My favorite moment from John Gruber’s excellent interview was when Schiller likened the single port MacBook to killing off the floppy.
…why don’t we design a product that’s around this wireless world that has really no physical connection that you need. You can get by without ever needing that. Wouldn’t that be a better world? And in doing that we realized ‘yeah but we do need to charge it so let’s go create this one port that can charge, and be a USB, and be video out. And that way if you need to connect, you can, you’re not giving that up’…and if you do that how far can you push it? How thin can it get? How light can it get? How aggressive of a design can it be?

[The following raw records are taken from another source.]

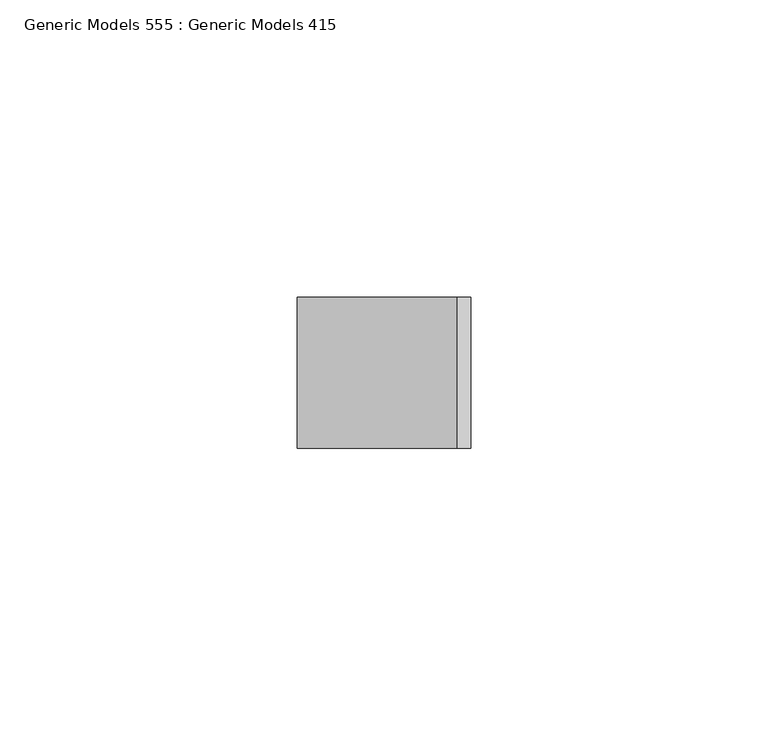
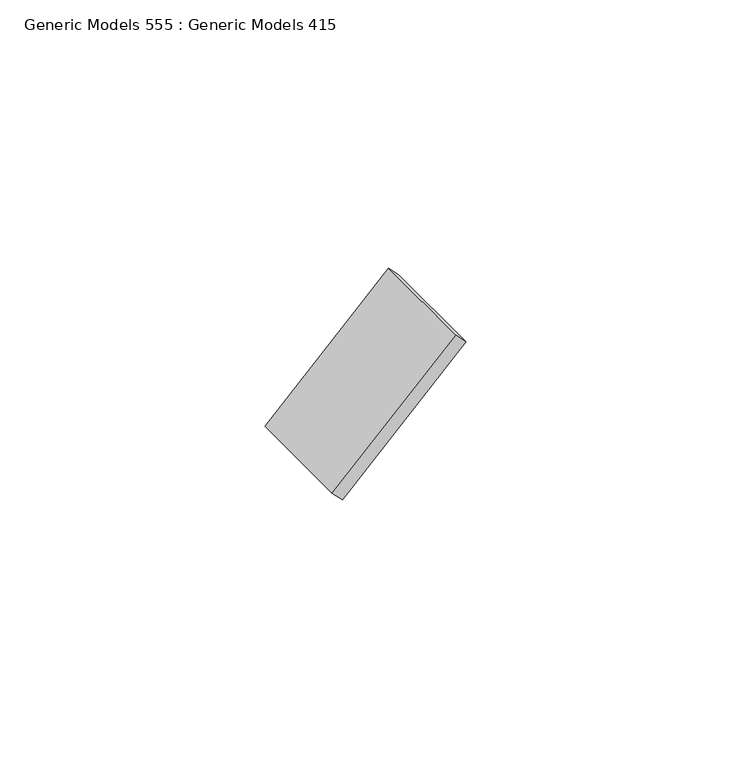
"""IFC4 building model written with IfcOpenShell, lengths in millimetres: proxy geometry, Generic Models 555 : Generic Models 415."""

from ifc_helpers import new_model, si_unit, frame, origin, place, context, project, spatial, polyline, outline, extrude, source, transform, mapped, element, save


def generic_models_555_generic_models_415_76ad5be0(model_context):
    return source(origin(), model_context, "Body", "SweptSolid", [
        extrude(outline(polyline([(0.0, -3.175), (0.0, 0.0), (25.4, 0.0), (25.4, -3.175), (0.0, -3.175)])), frame((7848.0411784, 4501.3863946, 124559.3849742), z_axis=(0.7071067811867181, 0.0, 0.707106781186377), x_axis=(0.0, -1.0, 0.0)), (0.0, 0.0, 1.0), 38.1),
    ])


if __name__ == "__main__":
    model = new_model("IFC4")
    model_context = context("Model", 3, world=origin())
    ifc_project = project(units=[si_unit("LENGTHUNIT", "METRE", prefix="MILLI")], contexts=[model_context])
    site = spatial("IfcSite", under=ifc_project)
    building = spatial("IfcBuilding", under=site)
    placement = place(None, origin())
    generic_models_555_generic_models_415_shape = generic_models_555_generic_models_415_76ad5be0(model_context)
    element("IfcBuildingElementProxy", 1, Name="Generic Models 555 : Generic Models 415", ObjectType="Generic Models 555 : Generic Models 415", at=placement, inside=building, context=model_context, shape_type="MappedRepresentation", body=[
        mapped(generic_models_555_generic_models_415_shape, transform((0.0, 0.0, 0.0), x_axis=(1.0, 0.0, 0.0), y_axis=(0.0, 1.0, 0.0), z_axis=(0.0, 0.0, 1.0))),
    ])
    save(model, "model.ifc")

# Revit data of these elements
# Element 1 (IfcBuildingElementProxy, "Generic Models 555 : Generic Models 415")
#   Materials on its faces: "_WELDED STEEL TABS FOR LOUVER ATTACHMENT"
# Materials
#   "_WELDED STEEL TABS FOR LOUVER ATTACHMENT": class "Metal", colour RGB 199 199 199, transparency 0, Description = "Structural steel 50ksi", Cost = 0
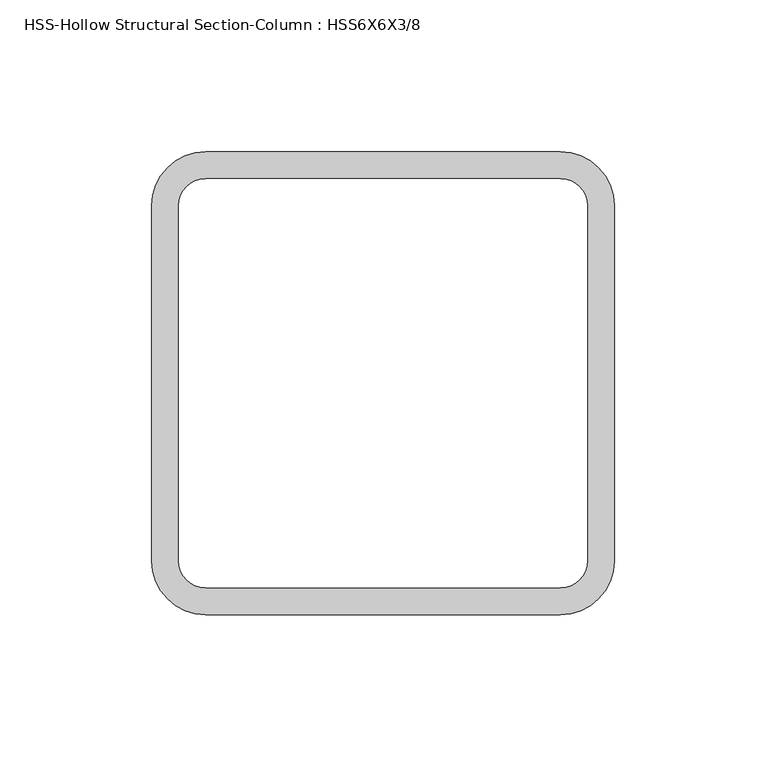
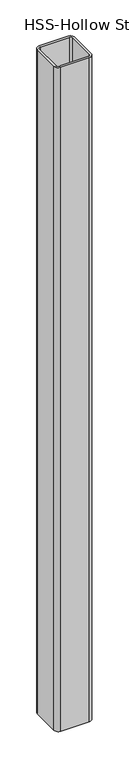
"""IFC4 building model written with IfcOpenShell, lengths in millimetres: column geometry, HSS-Hollow Structural Section-Column : HSS6X6X3/8."""

from ifc_helpers import new_model, si_unit, point, frame, frame_2d, origin, place, context, project, spatial, polyline, circle_curve, trimmed, segment, composite_curve, outline, extrude, source, transform, mapped, element, save


def hss_hollow_structural_section_column_hss6x6x3_8_4dcfe4b9(model_context):
    return source(origin(), model_context, "Body", "SweptSolid", [
        extrude(outline(composite_curve([segment(trimmed(circle_curve(frame_2d((58.4708, 58.4708)), 17.7292), [point((58.4708, 76.2))], [point((76.2, 58.4708))], False, "CARTESIAN"), True, "CONTINUOUS"), segment(polyline([(76.2, 58.4708), (76.2, -58.4708)]), True, "CONTINUOUS"), segment(trimmed(circle_curve(frame_2d((58.4708, -58.4708)), 17.7292), [point((76.2, -58.4708))], [point((58.4708, -76.2))], False, "CARTESIAN"), True, "CONTINUOUS"), segment(polyline([(58.4708, -76.2), (-58.4708, -76.2)]), True, "CONTINUOUS"), segment(trimmed(circle_curve(frame_2d((-58.4708, -58.4708)), 17.7292), [point((-58.4708, -76.2))], [point((-76.2, -58.4708))], False, "CARTESIAN"), True, "CONTINUOUS"), segment(polyline([(-76.2, -58.4708), (-76.2, 58.4708)]), True, "CONTINUOUS"), segment(trimmed(circle_curve(frame_2d((-58.4708, 58.4708)), 17.7292), [point((-76.2, 58.4708))], [point((-58.4708, 76.2))], False, "CARTESIAN"), True, "CONTINUOUS"), segment(polyline([(-58.4708, 76.2), (58.4708, 76.2)]), True, "CONTINUOUS")], self_intersect=False), holes=[composite_curve([segment(polyline([(58.4708, 67.3354), (-58.4708, 67.3354)]), True, "CONTINUOUS"), segment(trimmed(circle_curve(frame_2d((-58.4708, 58.4708)), 8.8646), [point((-58.4708, 67.3354))], [point((-67.3354, 58.4708))], True, "CARTESIAN"), True, "CONTINUOUS"), segment(polyline([(-67.3354, 58.4708), (-67.3354, -58.4708)]), True, "CONTINUOUS"), segment(trimmed(circle_curve(frame_2d((-58.4708, -58.4708)), 8.8646), [point((-67.3354, -58.4708))], [point((-58.4708, -67.3354))], True, "CARTESIAN"), True, "CONTINUOUS"), segment(polyline([(-58.4708, -67.3354), (58.4708, -67.3354)]), True, "CONTINUOUS"), segment(trimmed(circle_curve(frame_2d((58.4708, -58.4708)), 8.8646), [point((58.4708, -67.3354))], [point((67.3354, -58.4708))], True, "CARTESIAN"), True, "CONTINUOUS"), segment(polyline([(67.3354, -58.4708), (67.3354, 58.4708)]), True, "CONTINUOUS"), segment(trimmed(circle_curve(frame_2d((58.4708, 58.4708)), 8.8646), [point((67.3354, 58.4708))], [point((58.4708, 67.3354))], True, "CARTESIAN"), True, "CONTINUOUS")], self_intersect=False)]), frame((0.0, 0.0, 12439.65), z_axis=(0.0, 0.0, 1.0), x_axis=(1.0, 0.0, 0.0)), (0.0, 0.0, 1.0), 2870.2),
    ])


if __name__ == "__main__":
    model = new_model("IFC4")
    model_context = context("Model", 3, world=origin())
    ifc_project = project(units=[si_unit("LENGTHUNIT", "METRE", prefix="MILLI")], contexts=[model_context])
    site = spatial("IfcSite", under=ifc_project)
    building = spatial("IfcBuilding", under=site)
    placement = place(None, origin())
    hss_hollow_structural_section_column_hss6x6x3_8_shape = hss_hollow_structural_section_column_hss6x6x3_8_4dcfe4b9(model_context)
    element("IfcColumn", 1, ObjectType="HSS-Hollow Structural Section-Column : HSS6X6X3/8", at=placement, inside=building, context=model_context, shape_type="MappedRepresentation", body=[
        mapped(hss_hollow_structural_section_column_hss6x6x3_8_shape, transform((0.0, 0.0, 0.0), x_axis=(1.0, 0.0, 0.0), y_axis=(0.0, 1.0, 0.0), z_axis=(0.0, 0.0, 1.0))),
    ])
    save(model, "model.ifc")

# Revit data of these elements
# Type "HSS-Hollow Structural Section-Column : HSS6X6X3/8"
#   Assembly Code = "B10"
#   Shape = "Square"
#   W = 27.4
#   Ht = 0' - 6"
#   b = 0' - 6"
#   kr = 0' - 0.698"
#   t = 0' - 0.349"
#   A = 0.0526389 SF
#   Structural Material [instance default] = Steel ASTM A500, Grade B, Rectangular and Square
# Element 1 (IfcColumn, "HSS-Hollow Structural Section-Column : HSS6X6X3/8")
#   Materials on its faces: "Steel ASTM A500, Grade B, Rectangular and Square"
# Materials
#   "Steel ASTM A500, Grade B, Rectangular and Square": class "Metal", colour RGB 199 199 199, transparency 0, Description = "Carbon steel", Cost = 0
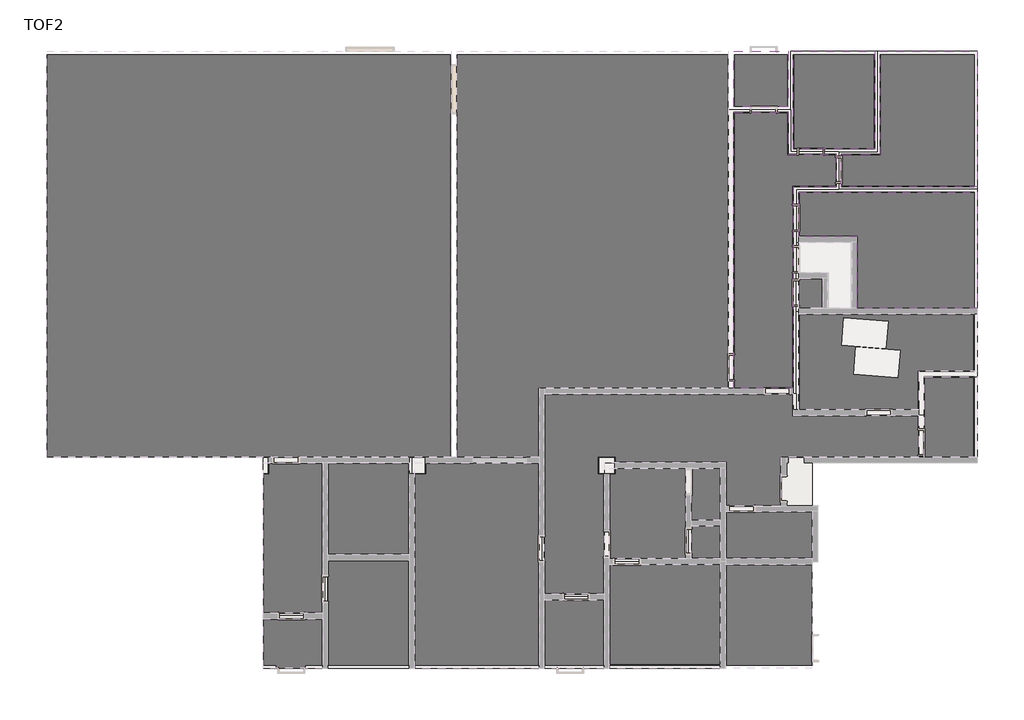
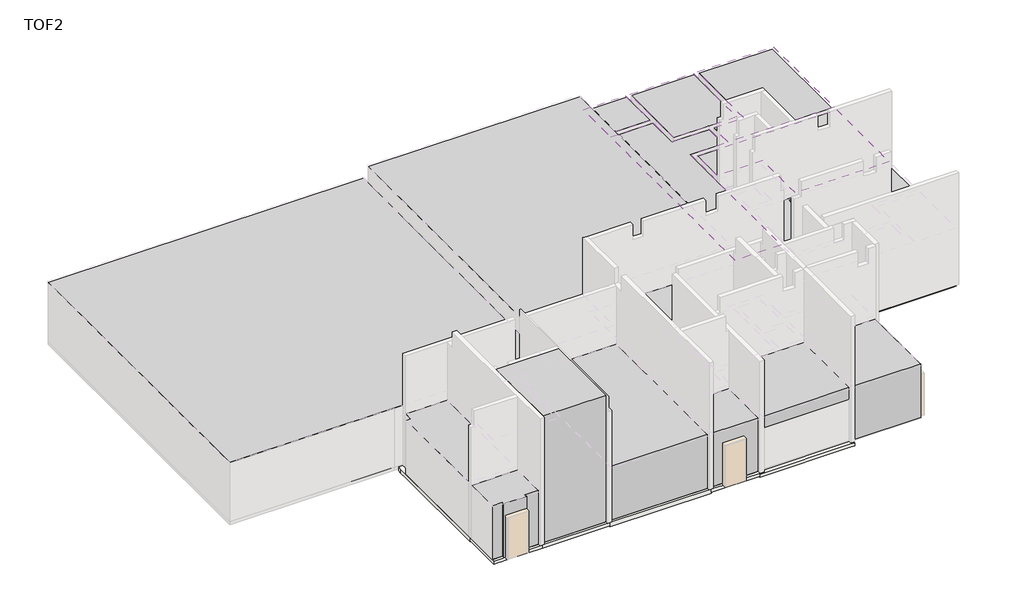
# One storey, part 5 of 5: 24 slabs, 23 proxies, 5 coverings.
"""IFC4 building model written with IfcOpenShell, lengths in millimetres."""

from ifc_helpers import new_model, si_unit, frame, origin, place, context, project, spatial, polyline, outline, extrude, faceted_brep, element, save

model = new_model("IFC4")

# Units and contexts
model_context = context("Model", 3, world=origin())
ifc_project = project(units=[si_unit("LENGTHUNIT", "METRE", prefix="MILLI")], contexts=[model_context])

# Site, building, storey
site = spatial("IfcSite", under=ifc_project)
building = spatial("IfcBuilding", under=site)
storey = spatial("IfcBuildingStorey", under=building, Name="TOF2", Elevation=1149.9618634)

# Proxies
placement = place(None, origin())
element("IfcBuildingElementProxy", 1, Name="Generic Models", at=placement, inside=storey, context=model_context, shape_type="SweptSolid", body=[
    extrude(outline(polyline([(18312.0, 23473.5208589), (33238.0, 23473.5208589), (33238.0, 8611.5208589), (26100.0, 8611.5208589), (18312.0, 8611.5208589), (18312.0, 23473.5208589)])), frame((0.0, 0.0, 1149.9618634), z_axis=(0.0, 0.0, 1.0), x_axis=(1.0, 0.0, 0.0)), (0.0, 0.0, 1.0), 3000.0),
])
element("IfcBuildingElementProxy", 2, Name="Generic Models", at=placement, inside=storey, context=model_context, shape_type="SweptSolid", body=[
    extrude(outline(polyline([(36488.0, 925.5208589), (31912.0, 925.5208589), (31912.0, 4899.0208589), (31912.0, 7987.5208589), (32312.0, 7987.5208589), (32312.0, 8387.5208589), (33350.0, 8387.5208589), (36488.0, 8387.5208589), (36488.0, 3443.8249516), (36488.0, 925.5208589)])), frame((0.0, 0.0, 1156.9618634), z_axis=(0.0, 0.0, 1.0), x_axis=(1.0, 0.0, 0.0)), (0.0, 0.0, 1.0), 2693.0),
])
element("IfcBuildingElementProxy", 3, Name="Generic Models", at=placement, inside=storey, context=model_context, shape_type="SweptSolid", body=[
    extrude(outline(polyline([(33462.0, 23473.5208589), (43488.0, 23473.5208589), (43488.0, 11161.5208589), (36488.0, 11161.5208589), (36488.0, 8611.5208589), (33462.0, 8611.5208589), (33462.0, 23473.5208589)])), frame((0.0, 0.0, 1149.9618634), z_axis=(0.0, 0.0, 1.0), x_axis=(1.0, 0.0, 0.0)), (0.0, 0.0, 1.0), 3500.0),
])
element("IfcBuildingElementProxy", 4, Name="Generic Models", at=placement, inside=storey, context=model_context, shape_type="SweptSolid", body=[
    extrude(outline(polyline([(39107.0, 932.5208589), (39107.0, 3443.8249516), (39107.0, 4642.5208589), (43193.0, 4642.5208589), (43193.0, 932.5208589), (39107.0, 932.5208589)])), frame((0.0, 0.0, 1199.9618634), z_axis=(0.0, 0.0, 1.0), x_axis=(1.0, 0.0, 0.0)), (0.0, 0.0, 1.0), 2650.0),
])
element("IfcBuildingElementProxy", 5, Name="Generic Models", at=placement, inside=storey, context=model_context, shape_type="SweptSolid", body=[
    extrude(outline(polyline([(39307.0, 7992.5208589), (39307.0, 8197.5208589), (41918.0, 8197.5208589), (41918.0, 6174.5208589), (41918.0, 4856.5208589), (39107.0, 4856.5208589), (39107.0, 7992.5208589), (39307.0, 7992.5208589)])), frame((0.0, 0.0, 1149.9618634), z_axis=(0.0, 0.0, 1.0), x_axis=(1.0, 0.0, 0.0)), (0.0, 0.0, 1.0), 2700.0),
])
element("IfcBuildingElementProxy", 6, Name="Generic Models", at=placement, inside=storey, context=model_context, shape_type="SweptSolid", body=[
    extrude(outline(polyline([(42132.0, 8197.5208589), (43193.0, 8197.5208589), (43193.0, 6699.5208589), (43193.0, 6281.5208589), (42132.0, 6281.5208589), (42132.0, 8197.5208589)])), frame((0.0, 0.0, 1199.9618634), z_axis=(0.0, 0.0, 1.0), x_axis=(1.0, 0.0, 0.0)), (0.0, 0.0, 1.0), 2650.0),
])
element("IfcBuildingElementProxy", 7, Name="Generic Models", at=placement, inside=storey, context=model_context, shape_type="SweptSolid", body=[
    extrude(outline(polyline([(43188.0, 4861.5208589), (42137.0, 4861.5208589), (42137.0, 6062.5208589), (43188.0, 6062.5208589), (43188.0, 4861.5208589)])), frame((0.0, 0.0, 1149.9618634), z_axis=(0.0, 0.0, 1.0), x_axis=(1.0, 0.0, 0.0)), (0.0, 0.0, 1.0), 2700.0),
])
element("IfcBuildingElementProxy", 8, Name="Generic Models", at=placement, inside=storey, context=model_context, shape_type="SweptSolid", body=[
    extrude(outline(polyline([(52567.0, 8606.5208589), (50732.0, 8606.5208589), (50732.0, 10249.5208589), (50732.0, 11567.5208589), (52567.0, 11567.5208589), (52567.0, 8606.5208589)])), frame((0.0, 0.0, 1199.9618634), z_axis=(0.0, 0.0, 1.0), x_axis=(1.0, 0.0, 0.0)), (0.0, 0.0, 1.0), 2650.0),
])
element("IfcBuildingElementProxy", 9, Name="Generic Models", at=placement, inside=storey, context=model_context, shape_type="SweptSolid", body=[
    extrude(outline(polyline([(52574.0, 23473.5208589), (52574.0, 18611.5208589), (47687.0, 18611.5208589), (47687.0, 19787.5208589), (49112.0, 19787.5208589), (49112.0, 23473.5208589), (52574.0, 23473.5208589)])), frame((0.0, 0.0, 1156.9618634), z_axis=(0.0, 0.0, 1.0), x_axis=(1.0, 0.0, 0.0)), (0.0, 0.0, 1.0), 2693.0),
])
element("IfcBuildingElementProxy", 10, Name="Generic Models", at=placement, inside=storey, context=model_context, shape_type="SweptSolid", body=[
    extrude(outline(polyline([(43712.0, 23473.5208589), (45688.0, 23473.5208589), (45688.0, 21561.5208589), (43712.0, 21561.5208589), (43712.0, 23473.5208589)])), frame((0.0, 0.0, 1156.9618634), z_axis=(0.0, 0.0, 1.0), x_axis=(1.0, 0.0, 0.0)), (0.0, 0.0, 1.0), 2693.0),
])
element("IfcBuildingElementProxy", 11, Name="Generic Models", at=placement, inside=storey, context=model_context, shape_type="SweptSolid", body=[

…I mean this is all the same mentality as I remember when we took out the floppy… oh and I am sure many you all do too. It’s the exact same thinking. I sat in the rooms with friends of mine who worked at other companies in Texas and other places and they literally said ‘Oh my god. I am so jealous! We can’t do that. We can’t do that. We can’t take the risk, because if the world is going to be risk averse and doesn’t want us to take away anything, then y’know if Dell doesn’t have a floppy, but Toshiba does, they’ll just buy the Toshiba. They’re all the same, except if your missing one thing then no one will buy your stuff.’ … That’s the embodiment of this new MacBook, which is take a bold risk. Maybe some people will think it’s not perfect for them yet, but for a surprising number of people it’s already their future laptop.
I think Phil is spot on and his anecdote, as dated as it is, perfectly illustrates how a commoditized hardware market evolves to avoid risk by simply increasing specs while avoiding change. For a current example, just look at the continued ubiquity of the 28 year old VGA port on modern PC laptops.